Methods And Audit Trail

This page lists the public data path for the Evidence dashboard. Longer codebooks and release notes live in the checked-in docs.

Public Reproducibility

The public release is built from:

  • Public parquets and staged aggregate artifacts.
  • Public crosswalk snapshots.
  • Evidence source SQL under sources/usajobs and sources/nlx.
  • Checked-in ETL and audit code.

The publication companion is the staged reproducibility bundle described in docs/reproducibility-bundle.md. See Agreement And Audit Trail for the compact dashboard-facing checklist of bundle contents, agreement scripts, public-safe limits, and documentation. See What Postings And Taxonomies Can And Cannot Say for the demoted taxonomy-coverage caveat page.

Table 1. Public corpus size and task coverage

No Results

Monthly Active Jobs

USAJOBS monthly charts use active-month denominators. A posting contributes to each month between its start and end date when that date range is valid.

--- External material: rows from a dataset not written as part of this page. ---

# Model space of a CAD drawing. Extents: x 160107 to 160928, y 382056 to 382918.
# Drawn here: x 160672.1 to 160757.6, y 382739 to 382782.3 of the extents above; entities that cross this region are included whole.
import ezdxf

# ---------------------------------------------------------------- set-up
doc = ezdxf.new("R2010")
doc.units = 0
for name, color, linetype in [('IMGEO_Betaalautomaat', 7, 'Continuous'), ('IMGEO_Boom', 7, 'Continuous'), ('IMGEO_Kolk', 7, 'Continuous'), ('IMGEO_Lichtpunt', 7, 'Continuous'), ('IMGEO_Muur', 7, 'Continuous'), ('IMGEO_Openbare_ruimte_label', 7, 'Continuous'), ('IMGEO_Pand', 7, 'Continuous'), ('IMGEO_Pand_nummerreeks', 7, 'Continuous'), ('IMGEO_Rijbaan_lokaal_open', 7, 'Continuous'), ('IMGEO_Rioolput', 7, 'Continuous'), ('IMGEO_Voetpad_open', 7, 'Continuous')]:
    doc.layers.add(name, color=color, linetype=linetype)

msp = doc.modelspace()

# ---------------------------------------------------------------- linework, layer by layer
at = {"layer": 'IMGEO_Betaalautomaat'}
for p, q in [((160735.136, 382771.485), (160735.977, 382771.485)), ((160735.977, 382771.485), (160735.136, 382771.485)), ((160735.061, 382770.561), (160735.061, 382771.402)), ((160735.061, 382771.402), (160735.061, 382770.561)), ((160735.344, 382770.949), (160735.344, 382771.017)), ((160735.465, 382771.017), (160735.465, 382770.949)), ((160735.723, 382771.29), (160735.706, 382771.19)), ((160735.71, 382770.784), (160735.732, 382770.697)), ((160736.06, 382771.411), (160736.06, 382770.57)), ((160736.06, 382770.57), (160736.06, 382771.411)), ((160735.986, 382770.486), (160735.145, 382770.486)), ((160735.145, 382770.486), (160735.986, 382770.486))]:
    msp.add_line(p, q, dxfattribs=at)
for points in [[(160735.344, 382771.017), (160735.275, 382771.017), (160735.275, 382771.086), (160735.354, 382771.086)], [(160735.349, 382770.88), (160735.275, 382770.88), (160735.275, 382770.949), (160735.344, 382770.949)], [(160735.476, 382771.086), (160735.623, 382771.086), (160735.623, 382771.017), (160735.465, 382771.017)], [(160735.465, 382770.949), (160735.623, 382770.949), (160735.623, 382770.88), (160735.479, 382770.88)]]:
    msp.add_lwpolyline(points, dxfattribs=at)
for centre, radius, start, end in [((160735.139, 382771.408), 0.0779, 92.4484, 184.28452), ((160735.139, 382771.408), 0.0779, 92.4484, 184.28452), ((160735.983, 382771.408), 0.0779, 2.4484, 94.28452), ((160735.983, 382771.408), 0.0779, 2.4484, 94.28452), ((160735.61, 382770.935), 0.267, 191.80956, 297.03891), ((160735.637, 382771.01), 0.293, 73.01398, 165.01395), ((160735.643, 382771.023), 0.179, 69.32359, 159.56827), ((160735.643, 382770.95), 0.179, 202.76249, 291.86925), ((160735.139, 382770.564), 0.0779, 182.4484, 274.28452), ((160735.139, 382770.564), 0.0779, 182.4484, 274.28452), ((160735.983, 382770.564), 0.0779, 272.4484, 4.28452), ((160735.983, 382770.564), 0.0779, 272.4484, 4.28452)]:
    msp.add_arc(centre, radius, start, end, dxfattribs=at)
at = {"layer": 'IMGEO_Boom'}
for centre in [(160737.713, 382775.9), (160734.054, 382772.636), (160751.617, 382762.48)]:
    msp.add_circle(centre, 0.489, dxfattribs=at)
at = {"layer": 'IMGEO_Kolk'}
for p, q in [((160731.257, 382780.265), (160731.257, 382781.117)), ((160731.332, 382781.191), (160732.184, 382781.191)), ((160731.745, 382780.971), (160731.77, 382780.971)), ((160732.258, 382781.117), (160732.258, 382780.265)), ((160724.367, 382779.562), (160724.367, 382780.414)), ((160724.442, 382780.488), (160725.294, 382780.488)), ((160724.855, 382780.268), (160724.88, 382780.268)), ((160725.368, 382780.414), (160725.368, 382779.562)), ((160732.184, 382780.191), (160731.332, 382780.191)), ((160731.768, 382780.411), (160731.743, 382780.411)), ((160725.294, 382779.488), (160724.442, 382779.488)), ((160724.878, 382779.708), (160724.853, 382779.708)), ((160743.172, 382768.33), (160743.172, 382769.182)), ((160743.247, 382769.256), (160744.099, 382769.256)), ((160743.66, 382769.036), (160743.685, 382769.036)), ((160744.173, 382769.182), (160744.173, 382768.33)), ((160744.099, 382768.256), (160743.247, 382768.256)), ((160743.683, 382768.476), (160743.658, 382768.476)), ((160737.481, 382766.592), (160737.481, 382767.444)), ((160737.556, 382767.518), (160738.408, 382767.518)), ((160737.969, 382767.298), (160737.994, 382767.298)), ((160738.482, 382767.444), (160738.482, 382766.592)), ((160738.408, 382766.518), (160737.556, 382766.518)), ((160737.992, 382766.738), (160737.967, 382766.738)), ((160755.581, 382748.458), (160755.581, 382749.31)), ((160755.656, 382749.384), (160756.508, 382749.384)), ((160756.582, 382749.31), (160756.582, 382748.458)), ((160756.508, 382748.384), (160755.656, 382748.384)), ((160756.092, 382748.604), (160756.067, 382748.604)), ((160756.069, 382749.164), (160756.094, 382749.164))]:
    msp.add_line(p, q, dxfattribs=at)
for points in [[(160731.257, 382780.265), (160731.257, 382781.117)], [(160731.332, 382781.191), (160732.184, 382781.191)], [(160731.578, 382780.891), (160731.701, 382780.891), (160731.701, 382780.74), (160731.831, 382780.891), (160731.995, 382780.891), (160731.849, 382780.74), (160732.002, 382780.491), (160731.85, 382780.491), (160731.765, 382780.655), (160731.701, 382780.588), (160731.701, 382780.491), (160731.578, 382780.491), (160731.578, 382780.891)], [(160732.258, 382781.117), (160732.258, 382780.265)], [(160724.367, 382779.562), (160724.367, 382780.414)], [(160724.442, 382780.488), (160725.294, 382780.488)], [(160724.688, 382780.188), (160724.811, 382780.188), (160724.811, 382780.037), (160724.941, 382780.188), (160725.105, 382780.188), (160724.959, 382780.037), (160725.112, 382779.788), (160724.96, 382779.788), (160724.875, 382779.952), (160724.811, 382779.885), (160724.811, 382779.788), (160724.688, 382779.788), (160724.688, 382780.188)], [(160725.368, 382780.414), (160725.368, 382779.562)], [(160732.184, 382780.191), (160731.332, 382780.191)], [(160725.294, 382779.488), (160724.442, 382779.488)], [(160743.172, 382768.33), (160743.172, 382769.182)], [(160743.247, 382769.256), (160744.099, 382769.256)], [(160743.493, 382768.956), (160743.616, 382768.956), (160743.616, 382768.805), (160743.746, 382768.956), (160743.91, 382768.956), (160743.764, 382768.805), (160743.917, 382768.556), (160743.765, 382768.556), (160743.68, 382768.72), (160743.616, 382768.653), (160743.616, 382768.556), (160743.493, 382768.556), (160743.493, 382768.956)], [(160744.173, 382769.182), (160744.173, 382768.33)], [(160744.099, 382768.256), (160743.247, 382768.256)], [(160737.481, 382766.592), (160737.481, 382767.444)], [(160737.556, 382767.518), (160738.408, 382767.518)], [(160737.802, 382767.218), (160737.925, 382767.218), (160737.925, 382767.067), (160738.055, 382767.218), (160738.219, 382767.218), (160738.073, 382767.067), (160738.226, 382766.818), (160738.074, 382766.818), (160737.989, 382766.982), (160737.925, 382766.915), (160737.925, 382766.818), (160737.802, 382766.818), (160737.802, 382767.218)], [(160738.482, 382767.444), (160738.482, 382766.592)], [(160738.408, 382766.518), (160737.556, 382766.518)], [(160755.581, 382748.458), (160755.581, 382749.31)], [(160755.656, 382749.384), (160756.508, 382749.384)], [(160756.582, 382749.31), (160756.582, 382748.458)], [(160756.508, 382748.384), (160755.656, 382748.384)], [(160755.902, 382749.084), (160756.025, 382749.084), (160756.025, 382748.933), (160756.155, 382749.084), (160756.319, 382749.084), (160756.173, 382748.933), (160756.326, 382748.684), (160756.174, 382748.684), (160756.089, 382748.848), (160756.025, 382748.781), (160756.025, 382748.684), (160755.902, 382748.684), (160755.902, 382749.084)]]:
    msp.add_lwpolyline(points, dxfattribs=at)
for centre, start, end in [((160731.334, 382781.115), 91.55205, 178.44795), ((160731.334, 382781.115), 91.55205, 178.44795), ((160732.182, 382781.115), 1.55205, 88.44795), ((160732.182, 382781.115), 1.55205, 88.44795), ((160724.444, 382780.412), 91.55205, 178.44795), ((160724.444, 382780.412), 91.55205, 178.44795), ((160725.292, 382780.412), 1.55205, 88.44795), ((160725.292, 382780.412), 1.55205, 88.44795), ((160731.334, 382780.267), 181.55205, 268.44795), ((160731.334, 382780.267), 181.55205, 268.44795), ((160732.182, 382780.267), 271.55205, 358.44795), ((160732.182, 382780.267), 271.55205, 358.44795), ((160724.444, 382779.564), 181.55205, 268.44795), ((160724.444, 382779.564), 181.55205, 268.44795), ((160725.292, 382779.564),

Table 2. USAJOBS active-month construction

No Results

Table 3. Monthly source windows by corpus

Terms. Monthly active jobs = summed active posting-month rows. A posting can contribute to more than one month when its active date range spans months.
No Results

Revealed Comparative Advantage (RCA)

RCA compares an entity's share of a task or Work Activity with that same item's share in the full corpus. Values above 1 indicate over-representation in the selected occupation, agency, or industry.

RCA = (entity item mentions / all entity item mentions) / (corpus item mentions / all corpus item mentions)

Job-Ad-Derived Occupation-Task Pair Two-Model Agreement Procedure

Distinct occupation-task pairs are reviewed with the publication two-model agreement rule to separate likely cross-occupational task signal from extraction noise. This is the job-ad-derived occupation-task pair two-model agreement procedure, one of several LLM agreement procedures in the broader project. Canonical O*NET-listed pairs are retained automatically. Unlisted pairs are retained only when Claude Sonnet 4.6 and GPT-4o both mark the pair plausible. Gemini v2 outputs are diagnostic only and are excluded from the publication rule.

The review now includes three batches with the same prompt and judge panel:

Sample Purpose Main reported result
Top RCA pairs Tests whether the most distinctive occupation-task pairs include real cross-occupational task signal Pass rate by O*NET migration distance; retained vs. excluded pairs
High-volume pairs Tests whether the most frequently mentioned task pairs show the same agreement pattern Pass rate and exclusion rate compared with the RCA sample
Random pairs Estimates the baseline plausibility rate outside top-ranked dashboard records Overall pass rate and false-positive/false-negative boundary checks

The samples remain separate in reporting. The RCA sample supports the Finding 1 headline; the high-volume and random samples are robustness checks and denominator context.

Table 4. LLM agreement inclusion summary by review batch

No Results

Table 5. Two-model reliability by review batch

No Results

Data Quality Checks

Table 6. Agreement filter effect on task-derived rows

Terms. Wage and date rows are USAJOBS source-quality diagnostics. Green task rows are the raw O*NET green-task crosswalk size, not the LLM-validated green signal.
No Results

O*NET AI Term Coverage

Table 7. O*NET task statements containing AI-related terms

No Results

AI Label Provenance

Public AI code labels are taken from crosswalks/ai_a6_5_redacted_final2.csv. The dashboard does not use older AI label snapshots for public display.

Gated Material

Sentence-level AIMatch examples are held until a public-safe sentence artifact is available.

Release Documentation

Reference files in the public repository:

  • docs/reproducibility-bundle.md
  • docs/data-audit/public-dashboard-audit.md
  • docs/data-audit/public-artifact-manifest.md
  • docs/data-audit/public-codebook.md
  • docs/findings-ledger.md

Local-only symlinks and generated build folders are not public release artifacts. Required generated parquets and crosswalk snapshots must be staged and documented before publication.